What you have to do:
Find and copy each line of the records where the string "origin" shows up.

Provided material:

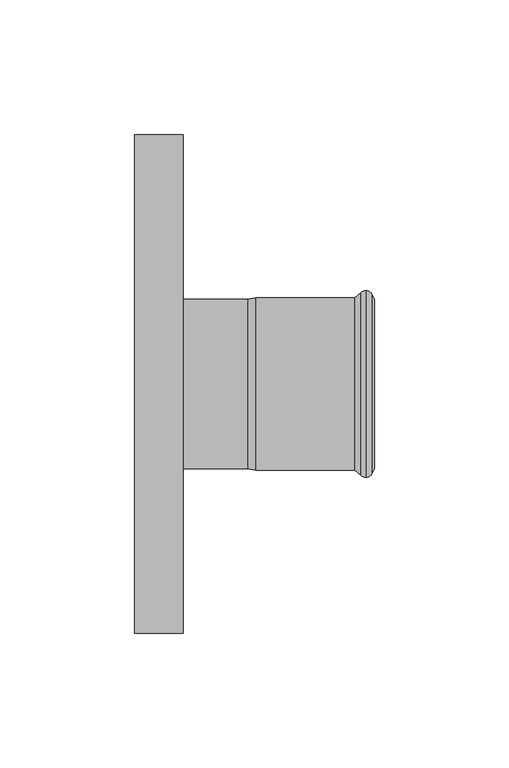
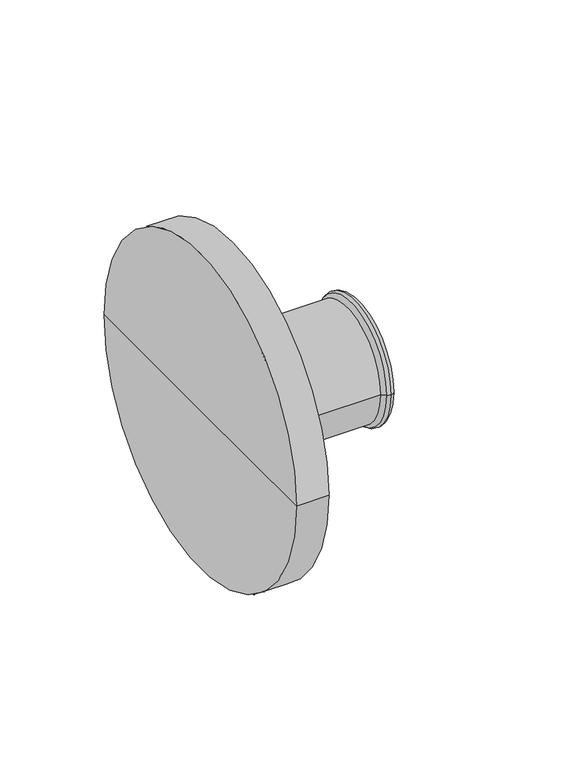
"""IFC4 building model written with IfcOpenShell, lengths in millimetres: pipe fitting geometry, KAN-therm Steel kołnierz PN16 : KAN-therm Steel kołnierz PN16."""

from ifc_helpers import new_model, si_unit, point, frame, origin, place, context, project, spatial, polyline, circle_curve, ellipse_curve, trimmed, source, transform, mapped, element, save
from ifc_brep_helpers import plane_surface, cylinder_surface, revolved_surface, advanced_brep


def pipe_fitting_27f88213(model_context):
    return source(origin(), model_context, "Body", "AdvancedBrep", [
        advanced_brep(
        [(84.0922627, -33.9370225, 0.0), (84.0922627, 33.9370225, 0.0), (85.8921278, 34.625, 0.0), (85.8921278, -34.625, 0.0), (81.7838092, -32.0, 0.0), (81.7838092, 32.0, 0.0), (45.1180407, -32.0, 0.0), (45.1180407, 32.0, 0.0), (42.2, -31.4, 0.0), (42.2, 31.4, 0.0), (18.0, -31.4, 0.0), (18.0, 31.4, 0.0), (89.0, -31.2880302, 0.0), (89.0, 31.2880302, 0.0), (89.0, 0.0, 0.0), (88.432052, -32.8484544, 0.0), (88.432052, 32.8484544, 0.0), (0.0, 0.0, 0.0), (0.0, 92.5, 0.0), (0.0, -92.5, 0.0), (18.0, 92.5, 0.0), (18.0, -92.5, 0.0)],
        [
            (0, 1, circle_curve(frame((84.0922627, 0.0, 0.0), z_axis=(1.0, 0.0, 0.0), x_axis=(0.0, 1.0, 0.0)), 33.9370225)),
            (1, 2, circle_curve(frame((85.8935049, 31.9230333, 0.0), z_axis=(0.0, 0.0, -1.0), x_axis=(1.0, 0.0, 0.0)), 2.701967)),
            (2, 3, circle_curve(frame((85.8921278, 0.0, 0.0), z_axis=(-1.0, 0.0, 0.0), x_axis=(0.0, 1.0, 0.0)), 34.625)),
            (3, 0, circle_curve(frame((85.8935049, -31.9230333, 0.0), z_axis=(0.0, 0.0, -1.0), x_axis=(1.0, 0.0, 0.0)), 2.701967)),
            (1, 0, circle_curve(frame((84.0922627, 0.0, 0.0), z_axis=(1.0, 0.0, 0.0), x_axis=(0.0, 1.0, 0.0)), 33.9370225)),
            (3, 2, circle_curve(frame((85.8921278, 0.0, 0.0), z_axis=(-1.0, 0.0, 0.0), x_axis=(0.0, 1.0, 0.0)), 34.625)),
            (4, 5, circle_curve(frame((81.7838092, 0.0, 0.0), z_axis=(1.0, 0.0, 0.0), x_axis=(0.0, 1.0, 0.0)), 32.0)),
            (5, 1),
            (0, 4),
            (5, 4, circle_curve(frame((81.7838092, 0.0, 0.0), z_axis=(1.0, 0.0, 0.0), x_axis=(0.0, 1.0, 0.0)), 32.0)),
            (6, 7, circle_curve(frame((45.1180407, 0.0, 0.0), z_axis=(1.0, 0.0, 0.0), x_axis=(0.0, 1.0, 0.0)), 32.0)),
            (7, 5),
            (4, 6),
            (7, 6, circle_curve(frame((45.1180407, 0.0, 0.0), z_axis=(1.0, 0.0, 0.0), x_axis=(0.0, 1.0, 0.0)), 32.0)),
            (8, 9, circle_curve(frame((42.2, 0.0, 0.0), z_axis=(1.0, 0.0, 0.0), x_axis=(0.0, 1.0, 0.0)), 31.4)),
            (9, 7),
            (6, 8),
            (9, 8, circle_curve(frame((42.2, 0.0, 0.0), z_axis=(1.0, 0.0, 0.0), x_axis=(0.0, 1.0, 0.0)), 31.4)),
            (10, 11, circle_curve(frame((18.0, 0.0, 0.0), z_axis=(1.0, 0.0, 0.0), x_axis=(0.0, 1.0, 0.0)), 31.4)),
            (11, 9),
            (8, 10),
            (11, 10, circle_curve(frame((18.0, 0.0, 0.0), z_axis=(1.0, 0.0, 0.0), x_axis=(0.0, 1.0, 0.0)), 31.4)),
            (12, 13, circle_curve(frame((89.0, 0.0, 0.0), z_axis=(1.0, 0.0, 0.0), x_axis=(0.0, 1.0, 0.0)), 31.2880302)),
            (13, 14),
            (14, 12),
            (13, 12, circle_curve(frame((89.0, 0.0, 0.0), z_axis=(1.0, 0.0, 0.0), x_axis=(0.0, 1.0, 0.0)), 31.2880302)),
            (15, 16, circle_curve(frame((88.432052, 0.0, 0.0), z_axis=(1.0, 0.0, 0.0), x_axis=(0.0, 1.0, 0.0)), 32.8484544)),
            (16, 13),
            (12, 15),
            (16, 15, circle_curve(frame((88.432052, 0.0, 0.0), z_axis=(1.0, 0.0, 0.0), x_axis=(0.0, 1.0, 0.0)), 32.8484544)),
            (2, 16, circle_curve(frame((85.89488, 31.9249993, 0.0), z_axis=(0.0, 0.0, -1.0), x_axis=(1.0, 0.0, 0.0)), 2.7000021)),
            (15, 3, circle_curve(frame((85.89488, -31.9249993, 0.0), z_axis=(0.0, 0.0, -1.0), x_axis=(1.0, 0.0, 0.0)), 2.7000021)),
            (17, 18),
            (18, 19, circle_curve(frame((0.0, 0.0, 0.0), z_axis=(-1.0, 0.0, 0.0), x_axis=(0.0, 1.0, 0.0)), 92.5)),
            (19, 17),
            (19, 18, circle_curve(frame((0.0, 0.0, 0.0), z_axis=(-1.0, 0.0, 0.0), x_axis=(0.0, 1.0, 0.0)), 92.5)),
            (18, 20),
            (20, 21, circle_curve(frame((18.0, 0.0, 0.0), z_axis=(-1.0, 0.0, 0.0), x_axis=(0.0, 1.0, 0.0)), 92.5)),
            (21, 19),
            (21, 20, circle_curve(frame((18.0, 0.0, 0.0), z_axis=(-1.0, 0.0, 0.0), x_axis=(0.0, 1.0, 0.0)), 92.5)),
            (20, 11),
            (10, 21),
        ],
        [
            revolved_surface(trimmed(ellipse_curve(frame((85.8935049, 31.9230333, 0.0), z_axis=(0.0, 0.0, 1.0), x_axis=(1.0, 0.0, 0.0)), 2.701967, 2.701967), [point((85.8921278, 34.625, 0.0))], [point((84.0922627, 33.9370225, 0.0))], True, "CARTESIAN"), (1402.742668, 0.0, 0.0), (-1.0, 0.0, 0.0)),
            revolved_surface(polyline([(84.0922627, 33.9370225, 0.0), (81.7838092, 32.0, 0.0)]), (1402.742668, 0.0, 0.0), (-1.0, 0.0, 0.0)),
            cylinder_surface(frame((1402.742668, 0.0, 0.0), z_axis=(-1.0, 0.0, 0.0), x_axis=(0.0, 1.0, 0.0)), 32.0),
            revolved_surface(polyline([(45.1180407, 32.0, 0.0), (42.2, 31.4, 0.0)]), (1402.742668, 0.0, 0.0), (-1.0, 0.0, 0.0)),
            cylinder_surface(frame((1402.742668, 0.0, 0.0), z_axis=(-1.0, 0.0, 0.0), x_axis=(0.0, 1.0, 0.0)), 31.4),
            plane_surface(frame((89.0, 0.0, 0.0), z_axis=(1.0, 0.0, 0.0), x_axis=(0.0, 1.0, 0.0))),
            revolved_surface(polyline([(89.0, 31.2880302, 0.0), (88.432052, 32.8484544, 0.0)]), (1402.742668, 0.0, 0.0), (-1.0, 0.0, 0.0)),
            revolved_surface(trimmed(ellipse_curve(frame((85.89488, 31.9249993, 0.0), z_axis=(0.0, 0.0, 1.0), x_axis=(1.0, 0.0, 0.0)), 2.7000021, 2.7000021), [point((88.432052, 32.8484544, 0.0))], [point((85.8921278, 34.625, 0.0))], True, "CARTESIAN"), (1402.742668, 0.0, 0.0), (-1.0, 0.0, 0.0)),
            plane_surface(frame((0.0, 0.0, 0.0), z_axis=(-1.0, 0.0, 0.0), x_axis=(0.0, 1.0, 0.0))),
            cylinder_surface(frame((1402.742668, 0.0, 0.0), z_axis=(-1.0, 0.0, 0.0), x_axis=(0.0, 1.0, 0.0)), 92.5),
            plane_surface(frame((18.0, 0.0, 0.0), z_axis=(1.0, 0.0, 0.0), x_axis=(0.0, 1.0, 0.0))),
        ],
        [
            (0, [[1, 2, 3, 4]]),
            (0, [[5, -4, 6, -2]]),
            (1, [[7, 8, -1, 9]]),
            (1, [[10, -9, -5, -8]]),
            (2, [[11, 12, -7, 13]]),
            (2, [[14, -13, -10, -12]]),
            (3, [[15, 16, -11, 17]]),
            (3, [[18, -17, -14, -16]]),
            (4, [[19, 20, -15, 21]]),
            (4, [[22, -21, -18, -20]]),
            (5, [[23, 24, 25]]),
            (5, [[26, -25, -24]]),
            (6, [[27, 28, -23, 29]]),
            (6, [[30, -29, -26, -28]]),
            (7, [[-3, 31, -27, 32]]),
            (7, [[-6, -32, -30, -31]]),
            (8, [[33, 34, 35]]),
            (8, [[-35, 36, -33]]),
            (9, [[-34, 37, 38, 39]]),
            (9, [[-36, -39, 40, -37]]),
            (10, [[-38, 41, -19, 42]]),
            (10, [[-40, -42, -22, -41]]),
        ],
    ),
    ])


if __name__ == "__main__":
    model = new_model("IFC4")
    model_context = context("Model", 3, world=origin())
    ifc_project = project(units=[si_unit("LENGTHUNIT", "METRE", prefix="MILLI")], contexts=[model_context])
    site = spatial("IfcSite", under=ifc_project)
    building = spatial("IfcBuilding", under=site)
    placement = place(None, origin())
    pipe_fitting_shape = pipe_fitting_27f88213(model_context)
    element("IfcPipeFitting", 1, ObjectType="KAN-therm Steel kołnierz PN16 : KAN-therm Steel kołnierz PN16", at=placement, inside=building, context=model_context, shape_type="MappedRepresentation", body=[
        mapped(pipe_fitting_shape, transform((0.0, 0.0, 0.0), x_axis=(1.0, 0.0, 0.0), y_axis=(0.0, 1.0, 0.0), z_axis=(0.0, 0.0, 1.0))),
    ])
    save(model, "model.ifc")

Written answer:
from ifc_helpers import new_model, si_unit, point, frame, origin, place, context, project, spatial, polyline, circle_curve, ellipse_curve, trimmed, source, transform, mapped, element, save
    return source(origin(), model_context, "Body", "AdvancedBrep", [
    model_context = context("Model", 3, world=origin())
    placement = place(None, origin())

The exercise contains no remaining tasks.